Required work
Output all of the data exactly, keeping any images out of the copy.

Excerpted records

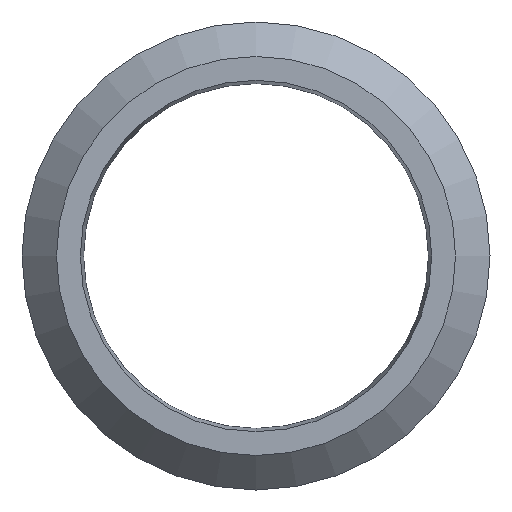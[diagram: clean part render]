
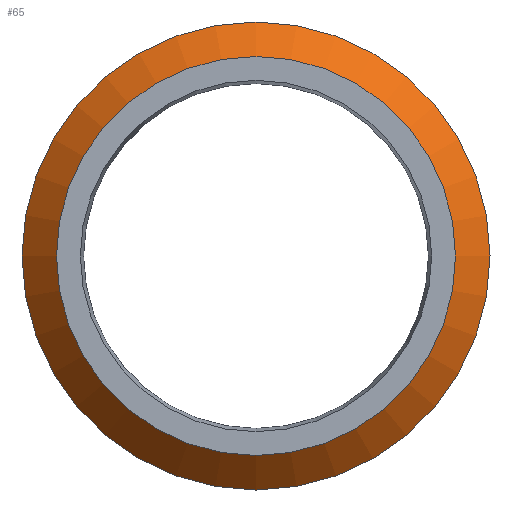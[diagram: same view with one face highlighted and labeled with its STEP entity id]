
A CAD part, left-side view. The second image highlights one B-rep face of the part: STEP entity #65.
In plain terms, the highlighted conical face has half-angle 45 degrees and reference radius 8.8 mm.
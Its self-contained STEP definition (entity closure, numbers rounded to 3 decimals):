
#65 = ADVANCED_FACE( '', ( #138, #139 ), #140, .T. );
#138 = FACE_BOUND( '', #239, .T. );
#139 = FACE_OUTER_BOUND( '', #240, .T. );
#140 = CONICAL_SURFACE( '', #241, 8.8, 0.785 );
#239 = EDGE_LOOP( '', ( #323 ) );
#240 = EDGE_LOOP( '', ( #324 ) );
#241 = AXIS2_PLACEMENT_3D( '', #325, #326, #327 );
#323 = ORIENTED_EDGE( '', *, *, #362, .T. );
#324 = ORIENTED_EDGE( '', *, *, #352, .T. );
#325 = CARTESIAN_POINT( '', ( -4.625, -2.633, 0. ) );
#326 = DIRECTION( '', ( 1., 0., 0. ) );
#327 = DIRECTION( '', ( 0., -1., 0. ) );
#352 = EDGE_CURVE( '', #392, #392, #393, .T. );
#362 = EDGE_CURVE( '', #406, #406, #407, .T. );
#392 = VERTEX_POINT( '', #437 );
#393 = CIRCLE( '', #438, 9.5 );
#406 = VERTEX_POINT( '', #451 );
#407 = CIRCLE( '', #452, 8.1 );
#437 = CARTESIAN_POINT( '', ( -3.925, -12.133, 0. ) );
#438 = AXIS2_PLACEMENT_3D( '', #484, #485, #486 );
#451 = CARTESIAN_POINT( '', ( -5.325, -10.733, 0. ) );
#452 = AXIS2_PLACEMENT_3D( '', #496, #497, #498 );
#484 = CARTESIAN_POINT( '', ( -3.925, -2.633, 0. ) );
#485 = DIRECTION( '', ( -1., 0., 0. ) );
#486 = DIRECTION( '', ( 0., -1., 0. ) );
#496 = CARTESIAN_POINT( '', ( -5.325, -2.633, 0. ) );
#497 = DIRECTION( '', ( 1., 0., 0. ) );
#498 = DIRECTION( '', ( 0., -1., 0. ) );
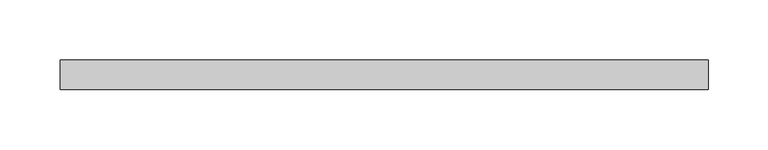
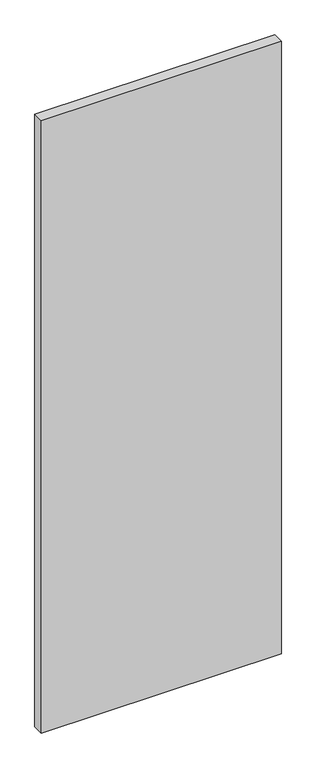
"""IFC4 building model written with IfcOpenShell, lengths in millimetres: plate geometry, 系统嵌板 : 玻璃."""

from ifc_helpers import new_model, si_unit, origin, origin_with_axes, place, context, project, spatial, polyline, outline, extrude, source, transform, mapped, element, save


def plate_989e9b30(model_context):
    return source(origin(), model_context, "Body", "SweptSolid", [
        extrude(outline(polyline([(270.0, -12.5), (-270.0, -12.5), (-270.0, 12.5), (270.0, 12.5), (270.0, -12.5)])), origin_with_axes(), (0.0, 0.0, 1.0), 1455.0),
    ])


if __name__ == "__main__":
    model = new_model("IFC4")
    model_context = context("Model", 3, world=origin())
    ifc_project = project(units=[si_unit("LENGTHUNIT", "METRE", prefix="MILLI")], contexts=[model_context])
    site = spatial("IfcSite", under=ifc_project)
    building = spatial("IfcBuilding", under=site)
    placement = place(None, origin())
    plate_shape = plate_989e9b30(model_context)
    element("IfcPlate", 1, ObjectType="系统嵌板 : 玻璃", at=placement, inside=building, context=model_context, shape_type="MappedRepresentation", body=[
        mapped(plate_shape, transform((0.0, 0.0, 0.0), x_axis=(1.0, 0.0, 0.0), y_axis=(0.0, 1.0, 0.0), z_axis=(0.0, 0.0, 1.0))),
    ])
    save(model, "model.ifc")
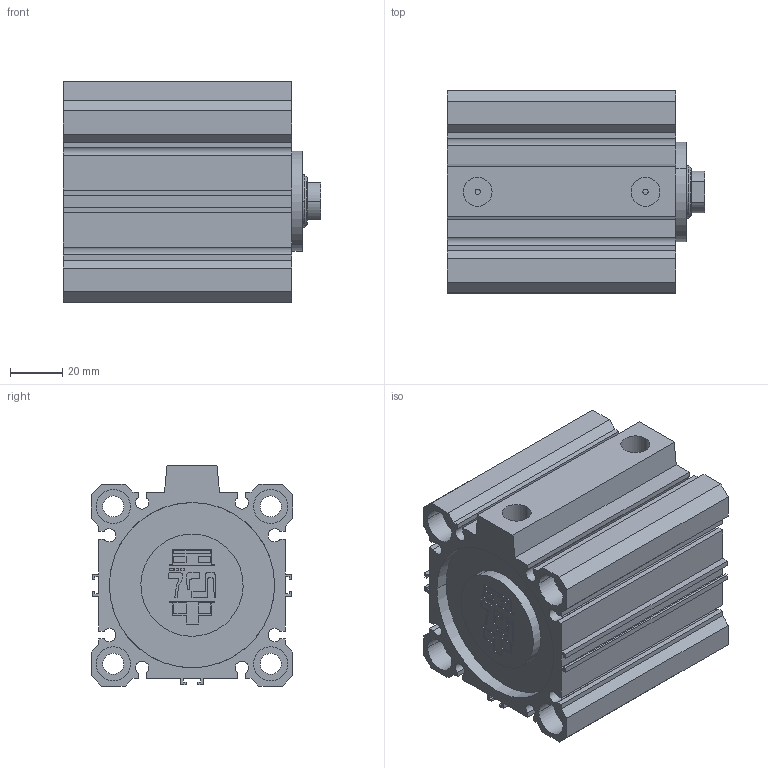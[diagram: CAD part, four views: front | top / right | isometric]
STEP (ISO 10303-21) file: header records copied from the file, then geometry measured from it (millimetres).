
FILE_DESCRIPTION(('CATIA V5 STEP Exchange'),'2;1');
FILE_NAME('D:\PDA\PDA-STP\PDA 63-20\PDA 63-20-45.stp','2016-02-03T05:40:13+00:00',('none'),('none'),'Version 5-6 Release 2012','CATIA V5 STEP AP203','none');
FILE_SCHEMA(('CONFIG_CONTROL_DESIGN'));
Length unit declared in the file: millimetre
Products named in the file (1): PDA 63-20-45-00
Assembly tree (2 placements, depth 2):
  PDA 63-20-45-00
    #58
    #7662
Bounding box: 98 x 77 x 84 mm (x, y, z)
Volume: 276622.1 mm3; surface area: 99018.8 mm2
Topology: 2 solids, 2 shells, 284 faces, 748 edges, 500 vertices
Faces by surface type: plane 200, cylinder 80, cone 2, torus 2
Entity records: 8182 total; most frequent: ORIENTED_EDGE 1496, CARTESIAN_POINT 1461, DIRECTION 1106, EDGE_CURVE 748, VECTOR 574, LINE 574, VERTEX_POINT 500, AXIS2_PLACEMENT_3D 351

Task response
[diagram: clean part render]
[diagram: same view with one face highlighted and labeled with its STEP entity id]
A CAD part, left-side view. The second image highlights one B-rep face of the part: STEP entity #65.
In plain terms, the highlighted conical face has half-angle 45 degrees and reference radius 8.8 mm.
Its self-contained STEP definition (entity closure, numbers rounded to 3 decimals):
#65 = ADVANCED_FACE( '', ( #138, #139 ), #140, .T. );
#138 = FACE_BOUND( '', #239, .T. );
#139 = FACE_OUTER_BOUND( '', #240, .T. );
#140 = CONICAL_SURFACE( '', #241, 8.8, 0.785 );
#239 = EDGE_LOOP( '', ( #323 ) );
#240 = EDGE_LOOP( '', ( #324 ) );
#241 = AXIS2_PLACEMENT_3D( '', #325, #326, #327 );
#323 = ORIENTED_EDGE( '', *, *, #362, .T. );
#324 = ORIENTED_EDGE( '', *, *, #352, .T. );
#325 = CARTESIAN_POINT( '', ( -4.625, -2.633, 0. ) );
#326 = DIRECTION( '', ( 1., 0., 0. ) );
#327 = DIRECTION( '', ( 0., -1., 0. ) );
#352 = EDGE_CURVE( '', #392, #392, #393, .T. );
#362 = EDGE_CURVE( '', #406, #406, #407, .T. );
#392 = VERTEX_POINT( '', #437 );
#393 = CIRCLE( '', #438, 9.5 );
#406 = VERTEX_POINT( '', #451 );
#407 = CIRCLE( '', #452, 8.1 );
#437 = CARTESIAN_POINT( '', ( -3.925, -12.133, 0. ) );
#438 = AXIS2_PLACEMENT_3D( '', #484, #485, #486 );
#451 = CARTESIAN_POINT( '', ( -5.325, -10.733, 0. ) );
#452 = AXIS2_PLACEMENT_3D( '', #496, #497, #498 );
#484 = CARTESIAN_POINT( '', ( -3.925, -2.633, 0. ) );
#485 = DIRECTION( '', ( -1., 0., 0. ) );
#486 = DIRECTION( '', ( 0., -1., 0. ) );
#496 = CARTESIAN_POINT( '', ( -5.325, -2.633, 0. ) );
#497 = DIRECTION( '', ( 1., 0., 0. ) );
#498 = DIRECTION( '', ( 0., -1., 0. ) );
"""IFC4 building model written with IfcOpenShell, lengths in millimetres: plate geometry, 系统嵌板 : 玻璃."""

from ifc_helpers import new_model, si_unit, origin, origin_with_axes, place, context, project, spatial, polyline, outline, extrude, source, transform, mapped, element, save


def plate_989e9b30(model_context):
    return source(origin(), model_context, "Body", "SweptSolid", [
        extrude(outline(polyline([(270.0, -12.5), (-270.0, -12.5), (-270.0, 12.5), (270.0, 12.5), (270.0, -12.5)])), origin_with_axes(), (0.0, 0.0, 1.0), 1455.0),
    ])


if __name__ == "__main__":
    model = new_model("IFC4")
    model_context = context("Model", 3, world=origin())
    ifc_project = project(units=[si_unit("LENGTHUNIT", "METRE", prefix="MILLI")], contexts=[model_context])
    site = spatial("IfcSite", under=ifc_project)
    building = spatial("IfcBuilding", under=site)
    placement = place(None, origin())
    plate_shape = plate_989e9b30(model_context)
    element("IfcPlate", 1, ObjectType="系统嵌板 : 玻璃", at=placement, inside=building, context=model_context, shape_type="MappedRepresentation", body=[
        mapped(plate_shape, transform((0.0, 0.0, 0.0), x_axis=(1.0, 0.0, 0.0), y_axis=(0.0, 1.0, 0.0), z_axis=(0.0, 0.0, 1.0))),
    ])
    save(model, "model.ifc")
[diagram: CAD part, four views: front | top / right | isometric]
STEP (ISO 10303-21) file: header records copied from the file, then geometry measured from it (millimetres).
FILE_DESCRIPTION(('CATIA V5 STEP Exchange'),'2;1');
FILE_NAME('D:\PDA\PDA-STP\PDA 63-20\PDA 63-20-45.stp','2016-02-03T05:40:13+00:00',('none'),('none'),'Version 5-6 Release 2012','CATIA V5 STEP AP203','none');
FILE_SCHEMA(('CONFIG_CONTROL_DESIGN'));
Length unit declared in the file: millimetre
Products named in the file (1): PDA 63-20-45-00
Assembly tree (2 placements, depth 2):
  PDA 63-20-45-00
    #58
    #7662
Bounding box: 98 x 77 x 84 mm (x, y, z)
Volume: 276622.1 mm3; surface area: 99018.8 mm2
Topology: 2 solids, 2 shells, 284 faces, 748 edges, 500 vertices
Faces by surface type: plane 200, cylinder 80, cone 2, torus 2
Entity records: 8182 total; most frequent: ORIENTED_EDGE 1496, CARTESIAN_POINT 1461, DIRECTION 1106, EDGE_CURVE 748, VECTOR 574, LINE 574, VERTEX_POINT 500, AXIS2_PLACEMENT_3D 351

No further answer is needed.